Providing psychological care and interdisciplinary appointments
The Celiac Disease program at Stanford Children’s also helps parents and children cope with the feelings that can come with a celiac diagnosis. The program has a dedicated clinical psychologist who works with children and families individually, and with children in groups.
“Families are glad to have someone to talk to about all of the aspects of life that celiac disease can touch. When you have celiac disease, you have to advocate for yourself, and that can be hard for some kids to do, so we provide a lot of skill building along with emotional support,” Kotzen says.
The Celiac Disease program also offers an interdisciplinary clinic for patient families, where all caregivers come together and meet with the patient and family in a single visit. That way, parents miss less work, kids miss less school, and they can live life rather than go to several separate doctor appointments.
“It’s really important to take a holistic view of every child and family,” Dr. Khavari says. “And we think beyond the GI tract. We look at all contributing factors to decide what’s best for our patients.”
Providing tailored nutritional support
Learning a gluten-free diet isn’t easy. Gluten can hide in unexpected places, like sauces, soups, and even cornflakes.
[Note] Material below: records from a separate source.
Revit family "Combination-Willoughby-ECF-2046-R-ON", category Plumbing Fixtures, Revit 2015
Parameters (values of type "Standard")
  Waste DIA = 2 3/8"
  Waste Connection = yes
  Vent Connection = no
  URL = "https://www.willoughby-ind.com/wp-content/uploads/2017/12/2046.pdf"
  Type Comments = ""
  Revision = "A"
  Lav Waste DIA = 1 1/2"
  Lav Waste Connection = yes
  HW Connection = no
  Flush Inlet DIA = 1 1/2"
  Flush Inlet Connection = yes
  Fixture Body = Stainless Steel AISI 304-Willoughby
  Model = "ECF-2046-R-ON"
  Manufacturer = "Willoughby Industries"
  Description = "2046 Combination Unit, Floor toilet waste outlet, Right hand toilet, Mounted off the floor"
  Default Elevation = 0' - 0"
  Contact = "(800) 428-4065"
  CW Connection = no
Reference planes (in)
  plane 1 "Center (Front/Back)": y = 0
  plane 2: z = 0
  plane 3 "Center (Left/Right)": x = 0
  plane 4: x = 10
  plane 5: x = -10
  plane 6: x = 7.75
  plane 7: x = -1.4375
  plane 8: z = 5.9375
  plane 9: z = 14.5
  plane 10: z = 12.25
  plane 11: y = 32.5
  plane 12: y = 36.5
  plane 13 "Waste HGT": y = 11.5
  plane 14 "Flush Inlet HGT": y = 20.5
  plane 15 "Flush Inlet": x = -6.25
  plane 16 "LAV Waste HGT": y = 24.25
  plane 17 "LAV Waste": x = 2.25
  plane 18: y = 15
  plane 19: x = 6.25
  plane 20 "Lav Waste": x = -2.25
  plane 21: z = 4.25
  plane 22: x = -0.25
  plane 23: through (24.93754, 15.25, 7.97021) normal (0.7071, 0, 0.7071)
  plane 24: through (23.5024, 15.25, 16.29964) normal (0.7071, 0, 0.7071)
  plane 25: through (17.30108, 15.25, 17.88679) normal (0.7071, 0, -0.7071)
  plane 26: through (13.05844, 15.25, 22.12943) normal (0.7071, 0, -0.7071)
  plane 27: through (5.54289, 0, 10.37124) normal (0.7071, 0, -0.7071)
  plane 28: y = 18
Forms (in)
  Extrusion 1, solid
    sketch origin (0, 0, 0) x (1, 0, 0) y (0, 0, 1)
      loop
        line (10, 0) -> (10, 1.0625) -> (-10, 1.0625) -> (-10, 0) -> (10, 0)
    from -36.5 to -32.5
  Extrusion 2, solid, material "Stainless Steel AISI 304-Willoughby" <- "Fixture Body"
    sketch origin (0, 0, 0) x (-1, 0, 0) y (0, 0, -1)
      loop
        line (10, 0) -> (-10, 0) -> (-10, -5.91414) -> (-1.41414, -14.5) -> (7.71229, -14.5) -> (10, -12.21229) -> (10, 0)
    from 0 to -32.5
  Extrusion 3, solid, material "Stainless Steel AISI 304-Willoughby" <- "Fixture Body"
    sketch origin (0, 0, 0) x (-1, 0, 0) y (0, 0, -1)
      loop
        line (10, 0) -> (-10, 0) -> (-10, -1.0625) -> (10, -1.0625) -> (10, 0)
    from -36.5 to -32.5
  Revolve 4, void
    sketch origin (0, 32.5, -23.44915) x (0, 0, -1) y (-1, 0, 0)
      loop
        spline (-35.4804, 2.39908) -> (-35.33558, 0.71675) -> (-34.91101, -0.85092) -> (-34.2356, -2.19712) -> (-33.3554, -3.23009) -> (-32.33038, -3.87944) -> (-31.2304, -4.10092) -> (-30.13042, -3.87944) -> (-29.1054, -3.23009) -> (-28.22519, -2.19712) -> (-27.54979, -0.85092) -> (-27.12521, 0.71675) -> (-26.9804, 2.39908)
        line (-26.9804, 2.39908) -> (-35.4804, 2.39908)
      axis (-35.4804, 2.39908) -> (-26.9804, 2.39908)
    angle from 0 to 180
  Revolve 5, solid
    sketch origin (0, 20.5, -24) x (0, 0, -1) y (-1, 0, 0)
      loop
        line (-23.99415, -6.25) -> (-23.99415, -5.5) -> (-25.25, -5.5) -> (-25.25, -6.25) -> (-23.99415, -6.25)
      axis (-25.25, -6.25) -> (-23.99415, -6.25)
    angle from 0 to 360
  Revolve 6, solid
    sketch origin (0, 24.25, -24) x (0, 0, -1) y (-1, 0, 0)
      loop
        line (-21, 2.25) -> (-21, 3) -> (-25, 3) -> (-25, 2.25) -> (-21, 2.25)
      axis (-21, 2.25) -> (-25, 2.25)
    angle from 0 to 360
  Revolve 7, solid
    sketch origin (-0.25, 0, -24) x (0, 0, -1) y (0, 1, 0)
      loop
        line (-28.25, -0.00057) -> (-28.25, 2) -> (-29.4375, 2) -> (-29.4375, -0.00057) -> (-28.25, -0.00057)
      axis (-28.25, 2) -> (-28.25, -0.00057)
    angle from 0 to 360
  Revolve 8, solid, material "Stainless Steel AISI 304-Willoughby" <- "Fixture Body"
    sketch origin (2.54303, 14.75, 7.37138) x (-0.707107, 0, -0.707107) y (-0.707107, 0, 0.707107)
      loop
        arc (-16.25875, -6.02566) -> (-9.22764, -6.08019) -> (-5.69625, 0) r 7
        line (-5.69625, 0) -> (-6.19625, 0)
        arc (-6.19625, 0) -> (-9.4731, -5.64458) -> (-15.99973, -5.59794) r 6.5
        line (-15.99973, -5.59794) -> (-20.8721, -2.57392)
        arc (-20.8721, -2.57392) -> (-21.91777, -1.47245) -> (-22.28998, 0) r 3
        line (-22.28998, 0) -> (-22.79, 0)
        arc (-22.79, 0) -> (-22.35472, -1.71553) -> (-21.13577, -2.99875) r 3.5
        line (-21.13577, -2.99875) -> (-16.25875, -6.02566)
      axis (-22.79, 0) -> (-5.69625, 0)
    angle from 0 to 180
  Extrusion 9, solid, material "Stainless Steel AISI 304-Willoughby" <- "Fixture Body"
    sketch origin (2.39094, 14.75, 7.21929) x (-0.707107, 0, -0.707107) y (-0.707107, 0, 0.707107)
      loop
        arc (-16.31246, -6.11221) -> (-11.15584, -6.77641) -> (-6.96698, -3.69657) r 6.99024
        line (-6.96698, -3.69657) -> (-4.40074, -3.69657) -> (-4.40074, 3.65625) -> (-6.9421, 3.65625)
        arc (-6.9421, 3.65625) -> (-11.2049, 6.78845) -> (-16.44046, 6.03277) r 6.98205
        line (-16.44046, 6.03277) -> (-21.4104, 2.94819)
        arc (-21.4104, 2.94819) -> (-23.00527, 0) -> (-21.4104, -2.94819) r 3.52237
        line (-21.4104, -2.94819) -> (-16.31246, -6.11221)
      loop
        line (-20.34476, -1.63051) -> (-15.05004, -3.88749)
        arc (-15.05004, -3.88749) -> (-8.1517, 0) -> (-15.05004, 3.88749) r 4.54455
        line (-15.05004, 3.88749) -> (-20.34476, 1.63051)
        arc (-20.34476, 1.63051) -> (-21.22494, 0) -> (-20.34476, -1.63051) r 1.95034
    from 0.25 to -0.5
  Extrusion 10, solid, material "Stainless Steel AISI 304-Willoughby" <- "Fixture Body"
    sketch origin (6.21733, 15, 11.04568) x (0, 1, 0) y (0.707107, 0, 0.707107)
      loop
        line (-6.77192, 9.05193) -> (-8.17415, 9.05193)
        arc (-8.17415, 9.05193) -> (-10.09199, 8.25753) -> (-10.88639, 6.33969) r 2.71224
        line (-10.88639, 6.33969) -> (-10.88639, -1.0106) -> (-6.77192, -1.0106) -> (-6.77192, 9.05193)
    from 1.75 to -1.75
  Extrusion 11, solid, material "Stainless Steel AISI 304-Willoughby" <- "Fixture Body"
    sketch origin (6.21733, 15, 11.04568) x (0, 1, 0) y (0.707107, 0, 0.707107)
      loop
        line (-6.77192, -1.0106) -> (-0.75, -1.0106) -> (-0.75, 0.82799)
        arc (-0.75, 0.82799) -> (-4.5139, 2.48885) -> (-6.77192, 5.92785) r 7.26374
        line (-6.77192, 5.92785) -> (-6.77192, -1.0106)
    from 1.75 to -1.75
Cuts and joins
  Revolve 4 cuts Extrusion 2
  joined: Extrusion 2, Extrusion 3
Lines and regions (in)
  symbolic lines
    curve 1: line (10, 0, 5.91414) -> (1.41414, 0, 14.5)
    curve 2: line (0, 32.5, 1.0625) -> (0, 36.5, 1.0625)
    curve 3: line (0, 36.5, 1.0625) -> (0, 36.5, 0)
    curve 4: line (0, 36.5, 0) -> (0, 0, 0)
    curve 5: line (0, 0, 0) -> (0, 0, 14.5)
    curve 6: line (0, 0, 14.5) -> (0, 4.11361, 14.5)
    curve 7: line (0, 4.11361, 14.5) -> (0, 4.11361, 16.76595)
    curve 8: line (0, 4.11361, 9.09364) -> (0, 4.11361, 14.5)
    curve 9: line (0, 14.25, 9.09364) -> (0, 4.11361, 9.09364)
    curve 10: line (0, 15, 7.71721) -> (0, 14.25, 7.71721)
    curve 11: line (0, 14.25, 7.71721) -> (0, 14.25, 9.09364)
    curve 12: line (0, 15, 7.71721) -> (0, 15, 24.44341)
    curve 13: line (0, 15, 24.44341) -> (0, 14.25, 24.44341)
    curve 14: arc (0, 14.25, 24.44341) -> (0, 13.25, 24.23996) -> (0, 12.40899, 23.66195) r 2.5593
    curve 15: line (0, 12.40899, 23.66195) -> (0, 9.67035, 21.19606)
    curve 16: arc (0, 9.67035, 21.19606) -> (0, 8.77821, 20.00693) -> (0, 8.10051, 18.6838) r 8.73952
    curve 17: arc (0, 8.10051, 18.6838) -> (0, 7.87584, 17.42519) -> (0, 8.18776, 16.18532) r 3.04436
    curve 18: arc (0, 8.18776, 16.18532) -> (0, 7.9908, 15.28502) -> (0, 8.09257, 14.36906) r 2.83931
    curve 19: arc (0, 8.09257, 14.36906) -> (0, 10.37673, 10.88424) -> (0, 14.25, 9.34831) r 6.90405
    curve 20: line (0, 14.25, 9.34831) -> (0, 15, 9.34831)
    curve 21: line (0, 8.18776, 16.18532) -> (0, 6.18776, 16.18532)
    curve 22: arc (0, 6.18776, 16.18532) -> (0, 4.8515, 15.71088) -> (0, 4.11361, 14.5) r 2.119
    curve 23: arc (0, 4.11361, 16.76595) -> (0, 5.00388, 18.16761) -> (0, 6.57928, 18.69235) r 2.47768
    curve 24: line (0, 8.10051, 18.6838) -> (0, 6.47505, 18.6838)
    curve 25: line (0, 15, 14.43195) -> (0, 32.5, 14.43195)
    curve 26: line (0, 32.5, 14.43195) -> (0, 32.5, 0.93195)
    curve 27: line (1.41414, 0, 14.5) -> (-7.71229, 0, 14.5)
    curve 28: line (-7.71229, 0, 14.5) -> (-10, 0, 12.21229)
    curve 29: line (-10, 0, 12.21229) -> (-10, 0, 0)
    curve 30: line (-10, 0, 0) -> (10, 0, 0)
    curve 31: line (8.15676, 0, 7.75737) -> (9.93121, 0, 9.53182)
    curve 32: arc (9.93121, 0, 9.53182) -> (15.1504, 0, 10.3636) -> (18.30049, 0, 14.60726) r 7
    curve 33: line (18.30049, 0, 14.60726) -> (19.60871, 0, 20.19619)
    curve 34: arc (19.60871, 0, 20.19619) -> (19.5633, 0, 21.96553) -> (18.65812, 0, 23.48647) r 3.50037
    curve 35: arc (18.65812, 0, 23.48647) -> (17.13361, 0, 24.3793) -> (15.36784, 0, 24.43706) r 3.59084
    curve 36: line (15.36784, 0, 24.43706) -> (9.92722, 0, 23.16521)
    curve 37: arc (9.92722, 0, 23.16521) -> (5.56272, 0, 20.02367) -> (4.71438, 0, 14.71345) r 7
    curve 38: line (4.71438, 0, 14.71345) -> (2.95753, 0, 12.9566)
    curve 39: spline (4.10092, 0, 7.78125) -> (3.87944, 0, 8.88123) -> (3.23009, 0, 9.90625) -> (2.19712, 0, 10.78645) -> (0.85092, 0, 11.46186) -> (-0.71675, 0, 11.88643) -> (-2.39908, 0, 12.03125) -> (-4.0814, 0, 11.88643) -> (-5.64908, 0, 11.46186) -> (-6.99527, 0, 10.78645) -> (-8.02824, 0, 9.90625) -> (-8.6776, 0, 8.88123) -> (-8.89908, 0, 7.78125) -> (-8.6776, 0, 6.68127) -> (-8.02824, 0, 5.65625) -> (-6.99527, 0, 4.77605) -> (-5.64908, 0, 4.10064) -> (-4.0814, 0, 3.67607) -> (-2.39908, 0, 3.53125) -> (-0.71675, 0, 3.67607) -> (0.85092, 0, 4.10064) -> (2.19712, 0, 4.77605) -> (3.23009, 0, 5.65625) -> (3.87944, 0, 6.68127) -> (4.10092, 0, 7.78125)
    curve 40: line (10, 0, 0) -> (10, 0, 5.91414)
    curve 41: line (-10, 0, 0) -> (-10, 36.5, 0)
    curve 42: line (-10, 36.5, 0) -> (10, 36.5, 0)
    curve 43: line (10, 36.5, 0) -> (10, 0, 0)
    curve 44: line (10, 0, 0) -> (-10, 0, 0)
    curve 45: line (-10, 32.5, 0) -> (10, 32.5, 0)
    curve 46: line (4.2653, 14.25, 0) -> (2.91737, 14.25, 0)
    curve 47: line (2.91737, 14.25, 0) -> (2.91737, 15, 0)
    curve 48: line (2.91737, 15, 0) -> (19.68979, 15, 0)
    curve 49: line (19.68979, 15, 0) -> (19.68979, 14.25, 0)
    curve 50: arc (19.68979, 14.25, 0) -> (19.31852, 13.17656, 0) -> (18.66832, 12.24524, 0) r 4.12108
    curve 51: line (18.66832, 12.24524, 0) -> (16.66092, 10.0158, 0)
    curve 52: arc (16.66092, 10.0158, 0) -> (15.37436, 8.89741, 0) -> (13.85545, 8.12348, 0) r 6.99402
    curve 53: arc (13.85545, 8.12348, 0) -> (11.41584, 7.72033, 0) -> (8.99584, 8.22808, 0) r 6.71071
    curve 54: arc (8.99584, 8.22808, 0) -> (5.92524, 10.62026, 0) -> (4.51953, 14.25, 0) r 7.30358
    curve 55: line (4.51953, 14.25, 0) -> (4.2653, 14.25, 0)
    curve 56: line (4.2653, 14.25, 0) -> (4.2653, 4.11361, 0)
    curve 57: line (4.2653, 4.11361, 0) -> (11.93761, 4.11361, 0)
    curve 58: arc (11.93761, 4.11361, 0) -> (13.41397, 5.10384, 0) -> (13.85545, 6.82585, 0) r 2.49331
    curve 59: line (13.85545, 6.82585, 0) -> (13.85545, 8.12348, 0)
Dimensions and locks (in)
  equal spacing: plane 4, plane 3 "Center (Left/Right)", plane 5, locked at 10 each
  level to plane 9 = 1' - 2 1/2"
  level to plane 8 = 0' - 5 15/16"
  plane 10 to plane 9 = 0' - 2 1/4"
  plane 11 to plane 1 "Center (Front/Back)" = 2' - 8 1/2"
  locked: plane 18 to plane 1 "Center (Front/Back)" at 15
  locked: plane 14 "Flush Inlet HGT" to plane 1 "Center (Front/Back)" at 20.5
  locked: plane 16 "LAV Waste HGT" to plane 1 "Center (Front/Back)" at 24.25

It can come disguised with different names, like “modified food starch.”
That’s why the Center for Pediatric IBD and Celiac Disease offers patient families hours of nutritional support, from one-on-one diet planning to regular check-ins—and, if needed, virtual kitchen checks to find cross-contamination. Even Molly, who is well-versed in eating gluten-free and provides a stellar gluten-free diet for her boys, learned a few things.
“For one, I learned to ask restaurants what they marinate their grilled meats in,” Molly says.
The Celiac Disease program at Stanford Children’s also helped the family adjust the boys’ school 504 plan to include celiac disease, so that the school would be extra-aware of their nutritional needs.
“We do so much more than diagnose our patients—it’s really wraparound care. To spend 90 minutes with a dietitian is really unique to our program, as is having a dietitian dedicated to our program,” Kotzen adds.
A bright, gluten-free future
Molly is proud of how well Joseph and Devlin roll with the punches of having celiac disease. They ask if something contains gluten, and if it does, they accept that without looking back. The family is happy to have a clear answer, and they’re going forward recommitted to a gluten-free lifestyle.
“I love that Stanford Children’s has a whole celiac program. They really know what’s going on, and Alison and Dr. Khavari both had time and interest to respond to my worries and questions,” Molly says. “After getting care at Stanford Children’s, I feel so much better.”